== EXERCISE MATERIALS
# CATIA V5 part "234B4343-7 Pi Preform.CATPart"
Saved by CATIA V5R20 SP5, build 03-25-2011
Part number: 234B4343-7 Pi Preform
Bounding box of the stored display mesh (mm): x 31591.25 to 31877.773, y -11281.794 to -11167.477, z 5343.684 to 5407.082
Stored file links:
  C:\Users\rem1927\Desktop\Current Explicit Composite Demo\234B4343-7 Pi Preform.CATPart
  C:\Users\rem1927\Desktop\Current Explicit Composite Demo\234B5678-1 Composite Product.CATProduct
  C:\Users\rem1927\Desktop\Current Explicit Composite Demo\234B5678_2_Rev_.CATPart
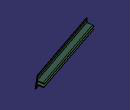
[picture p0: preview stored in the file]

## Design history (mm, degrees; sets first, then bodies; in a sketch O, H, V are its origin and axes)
Parameters
  Material = "Composite Pultrusion"
WSupportSet1: ActiveGrid {wsupport Support Plane1, RefPoint Intersect1, GridIn {cartgrid StepH1 25.4, StepH2 100, StepV1 25.4, StepV2 100, Direction Plane2}}
Set1
  Intersect1: ToIntersect1 Plane1, ToIntersect2 DatumCurve1
  Point1: type OnPlane, OnSupport {wsupport Support Plane1, RefPoint Intersect1, GridIn {cartgrid StepH1 25.4, StepH2 100, StepV1 25.4, StepV2 100, Direction Plane2}}, Support Plane1, RefPoint Intersect1, H 0, V 25.4, Direction Plane2
  Point2: type OnPlane, OnSupport {wsupport Support Plane1, RefPoint Intersect1, GridIn {cartgrid StepH1 25.4, StepH2 100, StepV1 25.4, StepV2 100, Direction Plane2}}, Support Plane1, RefPoint Intersect1, H 0, V -25.4, Direction Plane2
  Point3: type OnPlane, OnSupport {wsupport Support Plane1, RefPoint Intersect1, GridIn {cartgrid StepH1 25.4, StepH2 100, StepV1 25.4, StepV2 100, Direction Plane2}}, Support Plane1, RefPoint Intersect1, H 1.27, V 25.4, Direction Plane2
  Point4: type OnPlane, OnSupport {wsupport Support Plane1, RefPoint Intersect1, GridIn {cartgrid StepH1 25.4, StepH2 100, StepV1 25.4, StepV2 100, Direction Plane2}}, Support Plane1, RefPoint Intersect1, H 1.27, V -25.4, Direction Plane2
  Point5: type OnPlane, OnSupport {wsupport Support Plane1, RefPoint Intersect1, GridIn {cartgrid StepH1 25.4, StepH2 100, StepV1 25.4, StepV2 100, Direction Plane2}}, Support Plane1, RefPoint Intersect1, H 2.54, V 20.32, Direction Plane2
  Point6: type OnPlane, OnSupport {wsupport Support Plane1, RefPoint Intersect1, GridIn {cartgrid StepH1 25.4, StepH2 100, StepV1 25.4, StepV2 100, Direction Plane2}}, Support Plane1, RefPoint Intersect1, H 2.54, V -20.32, Direction Plane2
  Point7: type OnPlane, OnSupport {wsupport Support Plane1, RefPoint Intersect1, GridIn {cartgrid StepH1 25.4, StepH2 100, StepV1 25.4, StepV2 100, Direction Plane2}}, Support Plane1, RefPoint Intersect1, H 2.54, V 7.62, Direction Plane2
  Point8: type OnPlane, OnSupport {wsupport Support Plane1, RefPoint Intersect1, GridIn {cartgrid StepH1 25.4, StepH2 100, StepV1 25.4, StepV2 100, Direction Plane2}}, Support Plane1, RefPoint Intersect1, H 2.54, V -7.62, Direction Plane2
  Point9: type OnPlane, OnSupport {wsupport Support Plane1, RefPoint Intersect1, GridIn {cartgrid StepH1 25.4, StepH2 100, StepV1 25.4, StepV2 100, Direction Plane2}}, Support Plane1, RefPoint Intersect1, H 2.54, V -5.08, Direction Plane2
  Point10: type OnPlane, OnSupport {wsupport Support Plane1, RefPoint Intersect1, GridIn {cartgrid StepH1 25.4, StepH2 100, StepV1 25.4, StepV2 100, Direction Plane2}}, Support Plane1, RefPoint Intersect1, H 25.4, V 7.62, Direction Plane2
  Point11: type OnPlane, OnSupport {wsupport Support Plane1, RefPoint Intersect1, GridIn {cartgrid StepH1 25.4, StepH2 100, StepV1 25.4, StepV2 100, Direction Plane2}}, Support Plane1, RefPoint Intersect1, H 25.4, V -7.62, Direction Plane2
  Point12: type OnPlane, OnSupport {wsupport Support Plane1, RefPoint Intersect1, GridIn {cartgrid StepH1 25.4, StepH2 100, StepV1 25.4, StepV2 100, Direction Plane2}}, Support Plane1, RefPoint Intersect1, H 25.4, V -5.08, Direction Plane2
  Point13: type OnPlane, OnSupport {wsupport Support Plane1, RefPoint Intersect1, GridIn {cartgrid StepH1 25.4, StepH2 100, StepV1 25.4, StepV2 100, Direction Plane2}}, Support Plane1, RefPoint Intersect1, H 0, V 25.4, Direction Plane2
  Point14: type OnPlane, OnSupport {wsupport Support Plane1, RefPoint Intersect1, GridIn {cartgrid StepH1 25.4, StepH2 100, StepV1 25.4, StepV2 100, Direction Plane2}}, Support Plane1, RefPoint Intersect1, H 25.4, V 5.08, Direction Plane2
  Point15: type OnPlane, OnSupport {wsupport Support Plane1, RefPoint Intersect1, GridIn {cartgrid StepH1 25.4, StepH2 100, StepV1 25.4, StepV2 100, Direction Plane2}}, Support Plane1, RefPoint Intersect1, H 2.54, V 5.08, Direction Plane2
  Line1: type PtPt, OnSupport {wsupport Support Plane1, RefPoint Intersect1, GridIn {cartgrid StepH1 25.4, StepH2 100, StepV1 25.4, StepV2 100, Direction Plane2}}, FirstPoint Point13, SecondPoint Point2, Support Plane1
  Line2: type PtPt, OnSupport {wsupport Support Plane1, RefPoint Intersect1, GridIn {cartgrid StepH1 25.4, StepH2 100, StepV1 25.4, StepV2 100, Direction Plane2}}, FirstPoint Point2, SecondPoint Point4, Support Plane1
  Line3: type PtPt, OnSupport {wsupport Support Plane1, RefPoint Intersect1, GridIn {cartgrid StepH1 25.4, StepH2 100, StepV1 25.4, StepV2 100, Direction Plane2}}, FirstPoint Point6, SecondPoint Point4, Support Plane1
  Line4: type PtPt, OnSupport {wsupport Support Plane1, RefPoint Intersect1, GridIn {cartgrid StepH1 25.4, StepH2 100, StepV1 25.4, StepV2 100, Direction Plane2}}, FirstPoint Point8, SecondPoint Point6, Support Plane1
  Line5: type PtPt, OnSupport {wsupport Support Plane1, RefPoint Intersect1, GridIn {cartgrid StepH1 25.4, StepH2 100, StepV1 25.4, StepV2 100, Direction Plane2}}, FirstPoint Point8, SecondPoint Point11, Support Plane1
  Line6: type PtPt, OnSupport {wsupport Support Plane1, RefPoint Intersect1, GridIn {cartgrid StepH1 25.4, StepH2 100, StepV1 25.4, StepV2 100, Direction Plane2}}, FirstPoint Point12, SecondPoint Point11, Support Plane1
  Line7: type PtPt, OnSupport {wsupport Support Plane1, RefPoint Intersect1, GridIn {cartgrid StepH1 25.4, StepH2 100, StepV1 25.4, StepV2 100, Direction Plane2}}, FirstPoint Point9, SecondPoint Point12, Support Plane1
  Line8: type PtPt, OnSupport {wsupport Support Plane1, RefPoint Intersect1, GridIn {cartgrid StepH1 25.4, StepH2 100, StepV1 25.4, StepV2 100, Direction Plane2}}, FirstPoint Point15, SecondPoint Point9, Support Plane1
  Line9: type PtPt, OnSupport {wsupport Support Plane1, RefPoint Intersect1, GridIn {cartgrid StepH1 25.4, StepH2 100, StepV1 25.4, StepV2 100, Direction Plane2}}, FirstPoint Point14, SecondPoint Point15, Support Plane1
  Line10: type PtPt, OnSupport {wsupport Support Plane1, RefPoint Intersect1, GridIn {cartgrid StepH1 25.4, StepH2 100, StepV1 25.4, StepV2 100, Direction Plane2}}, FirstPoint Point10, SecondPoint Point14, Support Plane1
  Line11: type PtPt, OnSupport {wsupport Support Plane1, RefPoint Intersect1, GridIn {cartgrid StepH1 25.4, StepH2 100, StepV1 25.4, StepV2 100, Direction Plane2}}, FirstPoint Point7, SecondPoint Point10, Support Plane1
  Line12: type PtPt, OnSupport {wsupport Support Plane1, RefPoint Intersect1, GridIn {cartgrid StepH1 25.4, StepH2 100, StepV1 25.4, StepV2 100, Direction Plane2}}, FirstPoint Point7, SecondPoint Point5, Support Plane1
  Line13: type PtPt, OnSupport {wsupport Support Plane1, RefPoint Intersect1, GridIn {cartgrid StepH1 25.4, StepH2 100, StepV1 25.4, StepV2 100, Direction Plane2}}, FirstPoint Point5, SecondPoint Point3, Support Plane1
  Line14: type PtPt, OnSupport {wsupport Support Plane1, RefPoint Intersect1, GridIn {cartgrid StepH1 25.4, StepH2 100, StepV1 25.4, StepV2 100, Direction Plane2}}, FirstPoint Point3, SecondPoint Point1, Support Plane1
  Join1: Elements (Line1; Line2; Line3; Line4; Line5; Line6; Line7; Line8; Line9; Line10; Line11; Line12; Line13; Line14), OnSupport {wsupport Support Plane1, RefPoint Intersect1, GridIn {cartgrid StepH1 25.4, StepH2 100, StepV1 25.4, StepV2 100, Direction Plane2}}
Set2
  Plane1: linked copy from another document
  DatumCurve1: linked copy from another document
  Plane2 "web_surface": linked copy from another document
Body1 "Preform" (main body)
  Pad1: profile Join1, length 241.3, opposite side length 50.8
  Chamfer1: length 5.08, angle 10, on edge [face of Pad1 | face of Pad1]
  Chamfer2: length 5.08, angle 10, on edge [face of Pad1 | face of Pad1]
====
* _WHAT IS REQUIRED_
Out of the data above, set down the lines from the one with "Line4: type PtPt, OnSupport" to the one with "Line6: type PtPt, OnSupport", both included, exactly as written and with no additions.

* _PROBLEM SOLUTION_
  Line4: type PtPt, OnSupport {wsupport Support Plane1, RefPoint Intersect1, GridIn {cartgrid StepH1 25.4, StepH2 100, StepV1 25.4, StepV2 100, Direction Plane2}}, FirstPoint Point8, SecondPoint Point6, Support Plane1
  Line5: type PtPt, OnSupport {wsupport Support Plane1, RefPoint Intersect1, GridIn {cartgrid StepH1 25.4, StepH2 100, StepV1 25.4, StepV2 100, Direction Plane2}}, FirstPoint Point8, SecondPoint Point11, Support Plane1
  Line6: type PtPt, OnSupport {wsupport Support Plane1, RefPoint Intersect1, GridIn {cartgrid StepH1 25.4, StepH2 100, StepV1 25.4, StepV2 100, Direction Plane2}}, FirstPoint Point12, SecondPoint Point11, Support Plane1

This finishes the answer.